Quick Check If your answer gives sin θ = 2 or cos θ = −3 for an acute angle → it's WRONG.

✏️ Strategy for Proving Identities

Start from the more complex side (usually LHS)

Convert everything to sin θ and cos θ

Use sin²θ + cos²θ = 1 to simplify

Factor, combine fractions, rationalise denominators

Never cross the = sign — don't assume the result!

Conjugate trick: Multiply by (secθ+tanθ)/(secθ+tanθ) or (1+sinθ)/(1+sinθ) to simplify.

📝 Worked Examples

Given tan θ = 3/4, find all ratios:
O=3, A=4, H=√(9+16)=5
sin=3/5, cos=4/5, cosec=5/3, sec=5/4, cot=4/3

Evaluate sin 65°/cos 25°:
sin 65° = cos 25° → answer = 1

Prove (1+tan²θ)/(1+cot²θ) = tan²θ:
= sec²θ/cosec²θ = sin²θ/cos²θ = tan²θ ■

sin(A+B)=1, cos(A−B)=√3/2 → find A, B:
A+B=90°, A−B=30° → A=60°, B=30°

⚠️ Common Mistakes to Avoid

sin²θ ≠ sin(θ²) — sin²θ means (sin θ)² i.e. square of sine value

sin(A+B) ≠ sin A + sin B — trig functions are NOT linear!

√(sin²θ + cos²θ) ≠ sin θ + cos θ — √1 = 1, not sin θ + cos θ

tan 90° is undefined, not infinity — division by zero is not defined

1/sin θ = cosec θ, NOT sin⁻¹θ (that's inverse sine — different concept)

🔢 Common Pythagorean Triplets

O	A	H	If tan θ = O/A
3	4	5	sin=3/5, cos=4/5
5	12	13	sin=5/13, cos=12/13
8	15	17	sin=8/17, cos=15/17
7	24	25	sin=7/25, cos=24/25

Multiples also work: 6-8-10, 9-12-15, 10-24-26, etc.
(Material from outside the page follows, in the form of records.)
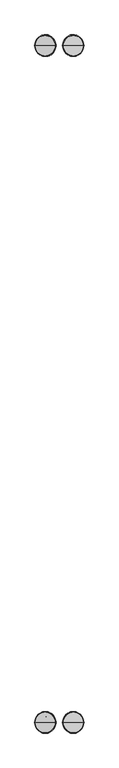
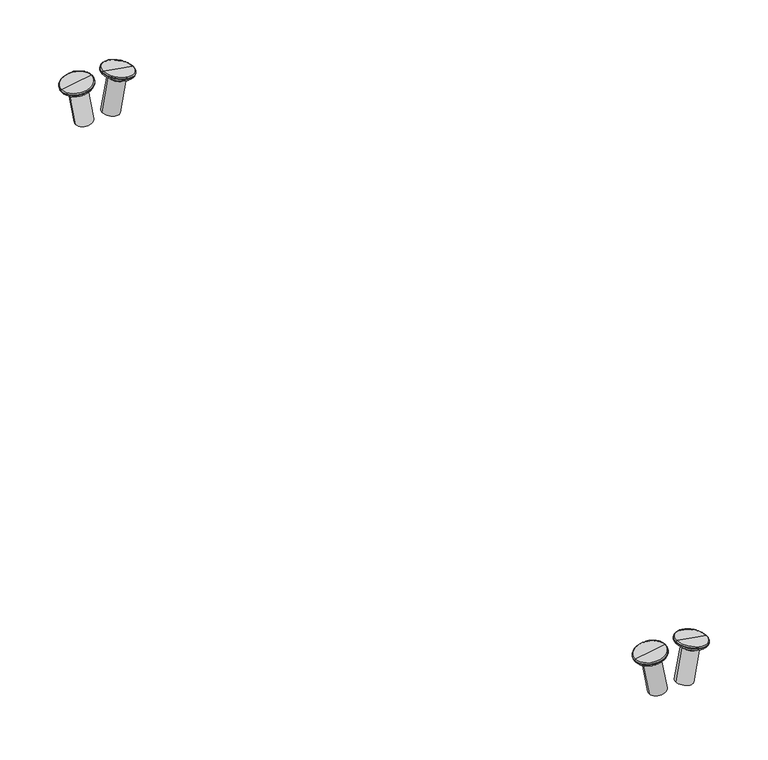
"""IFC4 building model written with IfcOpenShell, lengths in millimetres: proxy geometry, Kit Sunfix aero duo : Sunmodule Plus mono."""

from ifc_helpers import new_model, si_unit, point, frame, origin, place, context, project, spatial, circle_curve, ellipse_curve, trimmed, source, transform, mapped, element, save
from ifc_brep_helpers import plane_surface, cylinder_surface, revolved_surface, advanced_brep


def generic_models_753f09ff(model_context):
    return source(origin(), model_context, "Body", "AdvancedBrep", [
        advanced_brep(
        [(39.1763877, -550.0144087, 299.4223278), (6.8508247, -550.0144087, 305.1221968), (23.0136062, -550.0144087, 302.2722623), (39.9752239, -550.0144087, 298.2814714), (5.7099683, -550.0144087, 304.3233605), (39.8042139, -550.0144087, 297.3116251), (5.5389582, -550.0144087, 303.3535142), (37.5225011, -550.0144087, 295.7139527), (7.1366307, -550.0144087, 301.0718014), (30.735754, -550.0144087, 291.9519973), (12.2274224, -550.0144087, 295.2155155), (23.9957993, -550.0144087, 253.7278152), (5.4874678, -550.0144087, 256.9913334), (14.7416336, -550.0144087, 255.3595743)],
        [
            (0, 1, circle_curve(frame((23.0136062, -550.0144087, 302.2722623), z_axis=(0.17364817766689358, 0.0, 0.9848077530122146), x_axis=(-0.9848077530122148, 0.0, 0.1736481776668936)), 16.4121185)),
            (1, 2),
            (2, 0),
            (1, 0, circle_curve(frame((23.0136062, -550.0144087, 302.2722623), z_axis=(0.17364817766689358, 0.0, 0.9848077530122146), x_axis=(-0.9848077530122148, 0.0, 0.1736481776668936)), 16.4121185)),
            (3, 4, circle_curve(frame((22.8425961, -550.0144087, 301.302416), z_axis=(0.17364817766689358, 0.0, 0.9848077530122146), x_axis=(-0.9848077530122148, 0.0, 0.1736481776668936)), 17.3969262)),
            (4, 1, circle_curve(frame((6.8508247, -550.0144087, 303.9081227), z_axis=(0.0, 1.0000000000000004, 0.0), x_axis=(0.9396926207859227, 0.0, -0.34202014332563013)), 1.214074)),
            (0, 3, circle_curve(frame((38.7611499, -550.0144087, 298.2814714), z_axis=(0.0, 1.0000000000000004, 0.0), x_axis=(-1.0000000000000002, 0.0, 0.0)), 1.214074)),
            (4, 3, circle_curve(frame((22.8425961, -550.0144087, 301.302416), z_axis=(0.17364817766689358, 0.0, 0.9848077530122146), x_axis=(-0.9848077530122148, 0.0, 0.1736481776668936)), 17.3969262)),
            (5, 6, circle_curve(frame((22.671586, -550.0144087, 300.3325697), z_axis=(0.17364817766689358, 0.0, 0.9848077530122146), x_axis=(-0.9848077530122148, 0.0, 0.1736481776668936)), 17.3969262)),
            (6, 4),
            (3, 5),
            (6, 5, circle_curve(frame((22.671586, -550.0144087, 300.3325697), z_axis=(0.17364817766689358, 0.0, 0.9848077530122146), x_axis=(-0.9848077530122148, 0.0, 0.1736481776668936)), 17.3969262)),
            (7, 8, circle_curve(frame((22.3295659, -550.0144087, 298.392877), z_axis=(0.17364817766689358, 0.0, 0.9848077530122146), x_axis=(-0.9848077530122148, 0.0, 0.1736481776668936)), 15.4273107)),
            (8, 6, circle_curve(frame((7.2355424, -550.0144087, 302.8412677), z_axis=(0.0, 1.0000000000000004, 0.0), x_axis=(0.9396926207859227, 0.0, -0.34202014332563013)), 1.7722286)),
            (5, 7, circle_curve(frame((38.0347476, -550.0144087, 297.4105368), z_axis=(0.0, 1.0000000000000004, 0.0), x_axis=(-1.0000000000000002, 0.0, 0.0)), 1.7722286)),
            (8, 7, circle_curve(frame((22.3295659, -550.0144087, 298.392877), z_axis=(0.17364817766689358, 0.0, 0.9848077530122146), x_axis=(-0.9848077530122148, 0.0, 0.1736481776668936)), 15.4273107)),
            (9, 10, circle_curve(frame((21.4815882, -550.0144087, 293.5837564), z_axis=(0.17364817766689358, 0.0, 0.9848077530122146), x_axis=(-0.9848077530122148, 0.0, 0.1736481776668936)), 9.3969262)),
            (10, 8, circle_curve(frame((6.0660711, -550.0144087, 295.0003564), z_axis=(0.0, -1.0000000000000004, 0.0), x_axis=(0.9396926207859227, 0.0, -0.34202014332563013)), 6.1651069)),
            (7, 9, circle_curve(frame((36.4519415, -550.0144087, 289.6425076), z_axis=(0.0, -1.0000000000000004, 0.0), x_axis=(-1.0000000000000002, 0.0, 0.0)), 6.1651069)),
            (10, 9, circle_curve(frame((21.4815882, -550.0144087, 293.5837564), z_axis=(0.17364817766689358, 0.0, 0.9848077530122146), x_axis=(-0.9848077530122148, 0.0, 0.1736481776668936)), 9.3969262)),
            (11, 12, circle_curve(frame((14.7416336, -550.0144087, 255.3595743), z_axis=(0.17364817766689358, 0.0, 0.9848077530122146), x_axis=(-0.9848077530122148, 0.0, 0.1736481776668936)), 9.3969262)),
            (12, 10),
            (9, 11),
            (12, 11, circle_curve(frame((14.7416336, -550.0144087, 255.3595743), z_axis=(0.17364817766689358, 0.0, 0.9848077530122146), x_axis=(-0.9848077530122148, 0.0, 0.1736481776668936)), 9.3969262)),
            (13, 12),
            (11, 13),
        ],
        [
            plane_surface(frame((23.0136062, -550.0144087, 302.2722623), z_axis=(0.17364817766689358, 0.0, 0.9848077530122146), x_axis=(-0.9848077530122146, 0.0, 0.17364817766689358))),
            revolved_surface(trimmed(ellipse_curve(frame((6.8508247, -550.0144087, 303.9081227), z_axis=(0.0, -1.0000000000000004, 0.0), x_axis=(0.9396926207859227, 0.0, -0.34202014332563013)), 1.214074, 1.214074), [point((6.8508247, -550.0144087, 305.1221968))], [point((5.7099683, -550.0144087, 304.3233605))], True, "CARTESIAN"), (23.0136062, -550.0144087, 302.2722623), (-0.17364817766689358, 0.0, -0.9848077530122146)),
            revolved_surface(trimmed(ellipse_curve(frame((6.8508247, -550.0144087, 303.9081227), z_axis=(0.0, -1.0000000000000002, 0.0), x_axis=(0.9396926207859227, 0.0, -0.34202014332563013)), 1.214074, 1.214074), [point((6.8508247, -550.0144087, 305.1221968))], [point((5.7099683, -550.0144087, 304.3233605))], True, "CARTESIAN"), (23.0136062, -550.0144087, 302.2722623), (-0.17364817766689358, 0.0, -0.9848077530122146)),
            cylinder_surface(frame((23.0136062, -550.0144087, 302.2722623), z_axis=(-0.17364817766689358, 0.0, -0.9848077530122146), x_axis=(-0.9848077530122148, 0.0, 0.1736481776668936)), 17.3969262),
            revolved_surface(trimmed(ellipse_curve(frame((7.2355424, -550.0144087, 302.8412677), z_axis=(0.0, -1.0000000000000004, 0.0), x_axis=(0.9396926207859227, 0.0, -0.34202014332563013)), 1.7722286, 1.7722286), [point((5.5389582, -550.0144087, 303.3535142))], [point((7.1366307, -550.0144087, 301.0718014))], True, "CARTESIAN"), (23.0136062, -550.0144087, 302.2722623), (-0.17364817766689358, 0.0, -0.9848077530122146)),
            revolved_surface(trimmed(ellipse_curve(frame((7.2355424, -550.0144087, 302.8412677), z_axis=(0.0, -1.0000000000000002, 0.0), x_axis=(0.9396926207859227, 0.0, -0.34202014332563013)), 1.7722286, 1.7722286), [point((5.5389582, -550.0144087, 303.3535142))], [point((7.1366307, -550.0144087, 301.0718014))], True, "CARTESIAN"), (23.0136062, -550.0144087, 302.2722623), (-0.17364817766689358, 0.0, -0.9848077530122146)),
            revolved_surface(trimmed(ellipse_curve(frame((6.0660711, -550.0144087, 295.0003564), z_axis=(0.0, 1.0000000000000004, 0.0), x_axis=(0.9396926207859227, 0.0, -0.34202014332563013)), 6.1651069, 6.1651069), [point((7.1366307, -550.0144087, 301.0718014))], [point((12.2274224, -550.0144087, 295.2155155))], True, "CARTESIAN"), (23.0136062, -550.0144087, 302.2722623), (-0.17364817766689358, 0.0, -0.9848077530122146)),
            revolved_surface(trimmed(ellipse_curve(frame((6.0660711, -550.0144087, 295.0003564), z_axis=(0.0, 1.0000000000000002, 0.0), x_axis=(0.9396926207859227, 0.0, -0.34202014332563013)), 6.1651069, 6.1651069), [point((7.1366307, -550.0144087, 301.0718014))], [point((12.2274224, -550.0144087, 295.2155155))], True, "CARTESIAN"), (23.0136062, -550.0144087, 302.2722623), (-0.17364817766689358, 0.0, -0.9848077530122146)),
            cylinder_surface(frame((23.0136062, -550.0144087, 302.2722623), z_axis=(-0.17364817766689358, 0.0, -0.9848077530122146), x_axis=(-0.9848077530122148, 0.0, 0.1736481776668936)), 9.3969262),
            plane_surface(frame((14.7416336, -550.0144087, 255.3595743), z_axis=(-0.17364817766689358, 0.0, -0.9848077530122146), x_axis=(-0.9848077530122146, 0.0, 0.17364817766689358))),
        ],
        [
            (0, [[1, 2, 3]]),
            (0, [[4, -3, -2]]),
            (1, [[5, 6, -1, 7]]),
            (2, [[8, -7, -4, -6]]),
            (3, [[9, 10, -5, 11]]),
            (3, [[12, -11, -8, -10]]),
            (4, [[13, 14, -9, 15]]),
            (5, [[16, -15, -12, -14]]),
            (6, [[17, 18, -13, 19]]),
            (7, [[20, -19, -16, -18]]),
            (8, [[21, 22, -17, 23]]),
            (8, [[24, -23, -20, -22]]),
            (9, [[25, -21, 26]]),
            (9, [[-26, -24, -25]]),
        ],
    ),
        advanced_brep(
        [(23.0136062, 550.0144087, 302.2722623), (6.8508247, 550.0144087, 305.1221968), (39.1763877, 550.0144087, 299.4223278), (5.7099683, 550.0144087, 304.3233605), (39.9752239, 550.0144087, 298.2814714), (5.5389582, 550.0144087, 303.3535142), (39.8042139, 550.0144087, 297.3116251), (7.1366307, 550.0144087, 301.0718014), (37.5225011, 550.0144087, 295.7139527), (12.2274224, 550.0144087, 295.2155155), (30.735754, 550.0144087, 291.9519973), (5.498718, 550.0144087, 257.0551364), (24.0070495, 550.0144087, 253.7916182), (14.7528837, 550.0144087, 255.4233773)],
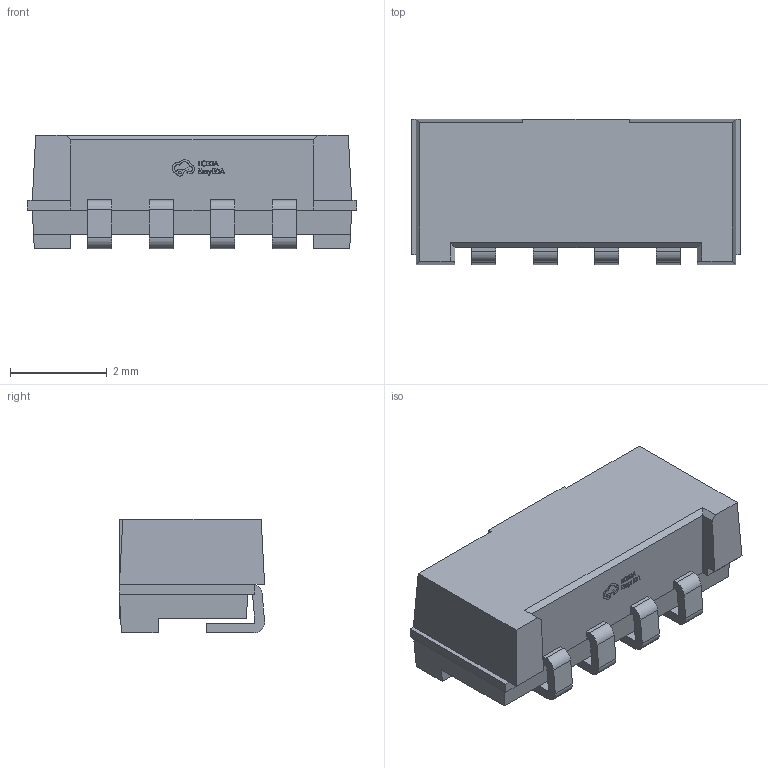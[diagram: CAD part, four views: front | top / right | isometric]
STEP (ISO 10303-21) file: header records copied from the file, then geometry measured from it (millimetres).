
FILE_DESCRIPTION (( 'STEP AP214' ), '1' );
FILE_NAME ('SENSOR-SMD_EML7700-TT.step', '2022-07-12T14:30:39', ( '' ), ( '' ), 'SwSTEP 2.0', 'SolidWorks 2020', '' );
FILE_SCHEMA (( 'AUTOMOTIVE_DESIGN' ));
Length unit declared in the file: millimetre
Products named in the file (1): SENSOR-SMD_EML7700-TT
Bounding box: 6.8 x 3 x 2.35 mm (x, y, z)
Volume: 37.2 mm3; surface area: 89.4 mm2
Topology: 1 solids, 1 shells, 375 faces, 1019 edges, 676 vertices
Faces by surface type: plane 247, bspline 112, cylinder 16
Entity records: 16385 total; most frequent: CARTESIAN_POINT 4175, ORIENTED_EDGE 2038, DIRECTION 1351, EDGE_CURVE 1019, VECTOR 759, LINE 759, VERTEX_POINT 676, EDGE_LOOP 405
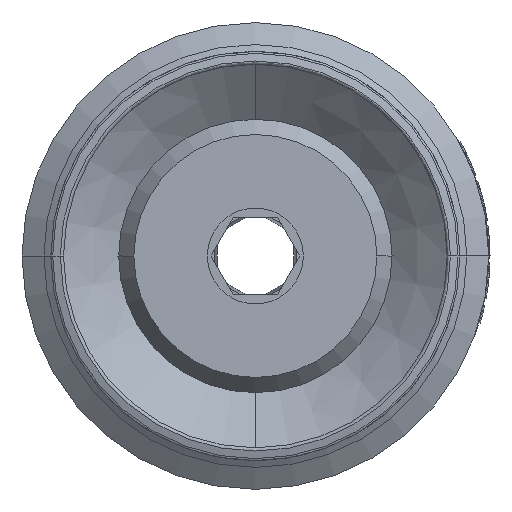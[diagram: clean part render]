
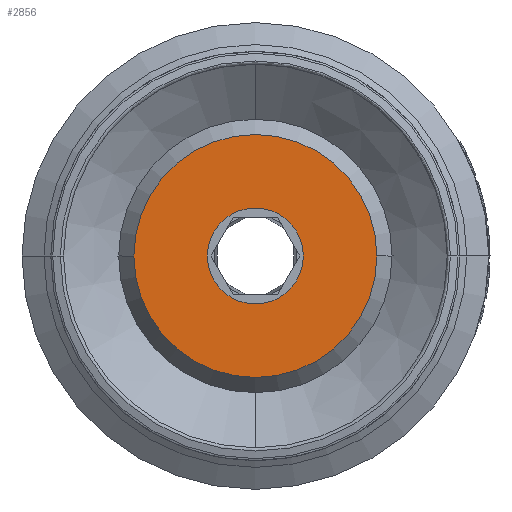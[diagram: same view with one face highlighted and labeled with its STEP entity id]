
A CAD part, front view. The second image highlights one B-rep face of the part: STEP entity #2856.
In plain terms, the highlighted planar face has unit normal (0, -1, 0).
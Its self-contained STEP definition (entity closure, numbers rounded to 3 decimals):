
#294 = AXIS2_PLACEMENT_3D ( 'NONE', #12962, #14124, #13673 ) ;
#1870 = CARTESIAN_POINT ( 'NONE',  ( 0., -13., 0. ) ) ;
#1933 = EDGE_CURVE ( 'NONE', #10066, #10275, #10487, .T. ) ;
#2856 = ADVANCED_FACE ( 'NONE', ( #7364, #14079 ), #14112, .T. ) ;
#3088 = CIRCLE ( 'NONE', #8899, 3.75 ) ;
#3152 = DIRECTION ( 'NONE',  ( -1., 0., 0. ) ) ;
#3885 = DIRECTION ( 'NONE',  ( 0., -1., 0. ) ) ;
#4902 = CIRCLE ( 'NONE', #13105, 9.5 ) ;
#5062 = VERTEX_POINT ( 'NONE', #13816 ) ;
#5394 = CARTESIAN_POINT ( 'NONE',  ( -9.5, -13., 0. ) ) ;
#6785 = CIRCLE ( 'NONE', #12272, 3.75 ) ;
#7317 = DIRECTION ( 'NONE',  ( 0., -1., 0. ) ) ;
#7364 = FACE_OUTER_BOUND ( 'NONE', #13183, .T. ) ;
#7509 = AXIS2_PLACEMENT_3D ( 'NONE', #14866, #7317, #13705 ) ;
#7576 = DIRECTION ( 'NONE',  ( 0., 1., 0. ) ) ;
#7694 = VERTEX_POINT ( 'NONE', #15592 ) ;
#8455 = ORIENTED_EDGE ( 'NONE', *, *, #15272, .T. ) ;
#8899 = AXIS2_PLACEMENT_3D ( 'NONE', #15119, #7576, #16376 ) ;
#9568 = ORIENTED_EDGE ( 'NONE', *, *, #15374, .T. ) ;
#10066 = VERTEX_POINT ( 'NONE', #5394 ) ;
#10275 = VERTEX_POINT ( 'NONE', #15657 ) ;
#10487 = CIRCLE ( 'NONE', #7509, 9.5 ) ;
#10797 = DIRECTION ( 'NONE',  ( 0., 1., 0. ) ) ;
#10833 = ORIENTED_EDGE ( 'NONE', *, *, #1933, .T. ) ;
#11503 = CARTESIAN_POINT ( 'NONE',  ( 0., -13., 0. ) ) ;
#11998 = EDGE_LOOP ( 'NONE', ( #8455, #15283 ) ) ;
#12272 = AXIS2_PLACEMENT_3D ( 'NONE', #1870, #10797, #3152 ) ;
#12754 = DIRECTION ( 'NONE',  ( -1., 0., 0. ) ) ;
#12962 = CARTESIAN_POINT ( 'NONE',  ( -3.75, -13., 0. ) ) ;
#13105 = AXIS2_PLACEMENT_3D ( 'NONE', #11503, #3885, #12754 ) ;
#13183 = EDGE_LOOP ( 'NONE', ( #10833, #9568 ) ) ;
#13673 = DIRECTION ( 'NONE',  ( 1., 0., 0. ) ) ;
#13705 = DIRECTION ( 'NONE',  ( -1., 0., 0. ) ) ;
#13816 = CARTESIAN_POINT ( 'NONE',  ( -3.75, -13., 0. ) ) ;
#14079 = FACE_BOUND ( 'NONE', #11998, .T. ) ;
#14094 = EDGE_CURVE ( 'NONE', #7694, #5062, #6785, .T. ) ;
#14112 = PLANE ( 'NONE',  #294 ) ;
#14124 = DIRECTION ( 'NONE',  ( 0., -1., 0. ) ) ;
#14866 = CARTESIAN_POINT ( 'NONE',  ( 0., -13., 0. ) ) ;
#15119 = CARTESIAN_POINT ( 'NONE',  ( 0., -13., 0. ) ) ;
#15272 = EDGE_CURVE ( 'NONE', #5062, #7694, #3088, .T. ) ;
#15283 = ORIENTED_EDGE ( 'NONE', *, *, #14094, .T. ) ;
#15374 = EDGE_CURVE ( 'NONE', #10275, #10066, #4902, .T. ) ;
#15592 = CARTESIAN_POINT ( 'NONE',  ( 3.75, -13., 0. ) ) ;
#15657 = CARTESIAN_POINT ( 'NONE',  ( 9.5, -13., 0. ) ) ;
#16376 = DIRECTION ( 'NONE',  ( -1., 0., 0. ) ) ;
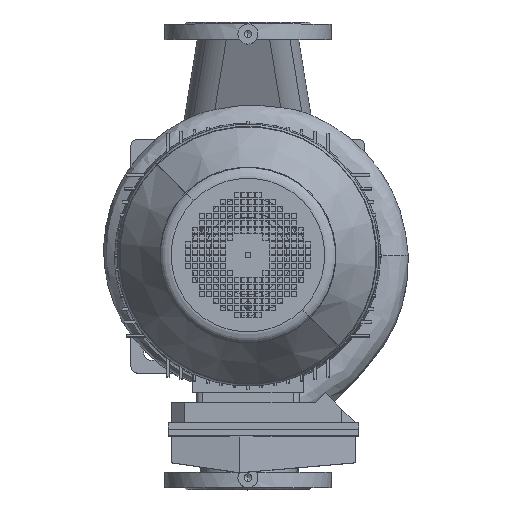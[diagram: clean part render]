
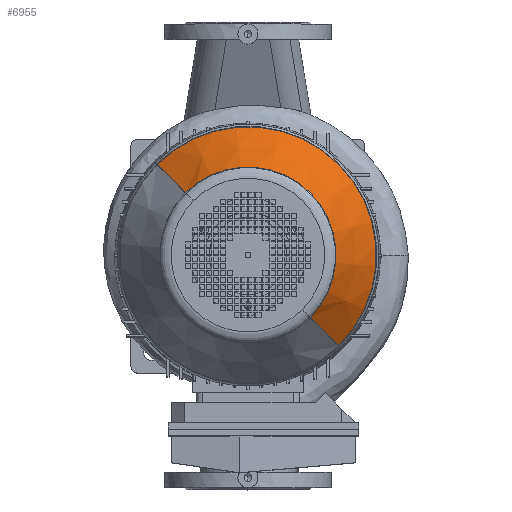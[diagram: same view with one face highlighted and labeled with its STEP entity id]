
A CAD part, top view. The second image highlights one B-rep face of the part: STEP entity #6955.
In plain terms, the highlighted conical face has half-angle 32.471 degrees and reference radius 126 mm.
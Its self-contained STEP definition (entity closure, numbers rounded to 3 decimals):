
#6955=ADVANCED_FACE('',(#17825),#17826,.T.);
#8651=EDGE_CURVE('',#20788,#20789,#20790,.T.);
#8653=EDGE_CURVE('',#20792,#20793,#20794,.T.);
#17825=FACE_OUTER_BOUND('',#34182,.T.);
#17826=CONICAL_SURFACE('',#34183,126.0,0.567);
#20788=VERTEX_POINT('',#37150);
#20789=VERTEX_POINT('',#37151);
#20790=CIRCLE('',#37152,192.873);
#20792=VERTEX_POINT('',#37155);
#20793=VERTEX_POINT('',#37156);
#20794=CIRCLE('',#37157,131.894);
#34182=EDGE_LOOP('',(#59448,#59449,#59450,#59451));
#34183=AXIS2_PLACEMENT_3D('',#59452,#59453,#59454);
#37150=CARTESIAN_POINT('',(192.873,0.,114.913));
#37151=CARTESIAN_POINT('',(-192.873,0.,114.913));
#37152=AXIS2_PLACEMENT_3D('',#67903,#67904,#67905);
#37155=CARTESIAN_POINT('',(-131.894,0.,210.738));
#37156=CARTESIAN_POINT('',(131.894,0.,210.738));
#37157=AXIS2_PLACEMENT_3D('',#67906,#67907,#67908);
#59448=ORIENTED_EDGE('',*,*,#76568,.F.);
#59449=ORIENTED_EDGE('',*,*,#8651,.F.);
#59450=ORIENTED_EDGE('',*,*,#76569,.F.);
#59451=ORIENTED_EDGE('',*,*,#8653,.F.);
#59452=CARTESIAN_POINT('',(0.0,0.0,220.0));
#59453=DIRECTION('',(-0.0,-0.0,-1.0));
#59454=DIRECTION('',(-1.0,0.,0.0));
#67903=CARTESIAN_POINT('',(0.0,0.0,114.913));
#67904=DIRECTION('',(0.0,0.0,-1.0));
#67905=DIRECTION('',(1.0,0.,0.0));
#67906=CARTESIAN_POINT('',(0.0,0.0,210.738));
#67907=DIRECTION('',(0.0,-0.0,1.0));
#67908=DIRECTION('',(1.0,0.,0.0));
#76568=EDGE_CURVE('',#20789,#20792,#81491,.T.);
#76569=EDGE_CURVE('',#20793,#20788,#81492,.T.);
#81491=LINE('',#89018,#89019);
#81492=LINE('',#89020,#89021);
#89018=CARTESIAN_POINT('',(-126.0,0.,220.0));
#89019=VECTOR('',#95659,1.0);
#89020=CARTESIAN_POINT('',(126.0,0.,220.0));
#89021=VECTOR('',#95660,1.0);
#95659=DIRECTION('',(0.537,0.,0.844));
#95660=DIRECTION('',(0.537,0.,-0.844));

🧠 Memory Tricks & Mnemonics

sin Table: "√0, √1, √2, √3, √4 — all over 2"

sin 0°=√0/2=0, sin 30°=√1/2=1/2, sin 45°=√2/2=1/√2, sin 60°=√3/2, sin 90°=√4/2=1

cos = sin in Reverse

cos 0°=1, cos 30°=√3/2, cos 45°=1/√2, cos 60°=1/2, cos 90°=0 — exactly reversed!

"co-" means "complement"

co-sine = complement's sine. co-tangent = complement's tangent. co-secant = complement's secant.

Indian Mnemonic: "Pandit Badri Prasad Har Har Bole"

sin=P/H, cos=B/H, tan=P/B (P=perpendicular, B=base, H=hypotenuse)

Identity Derivation: "Divide by cos² → Identity ②, Divide by sin² → Identity ③"

Both come from sin²θ+cos²θ=1. One master identity gives you all three!

As θ increases (0°→90°): sin ↑, cos ↓, tan ↑

Use this to quick-check your answers. If sin 60° < sin 30° in your answer, something is wrong.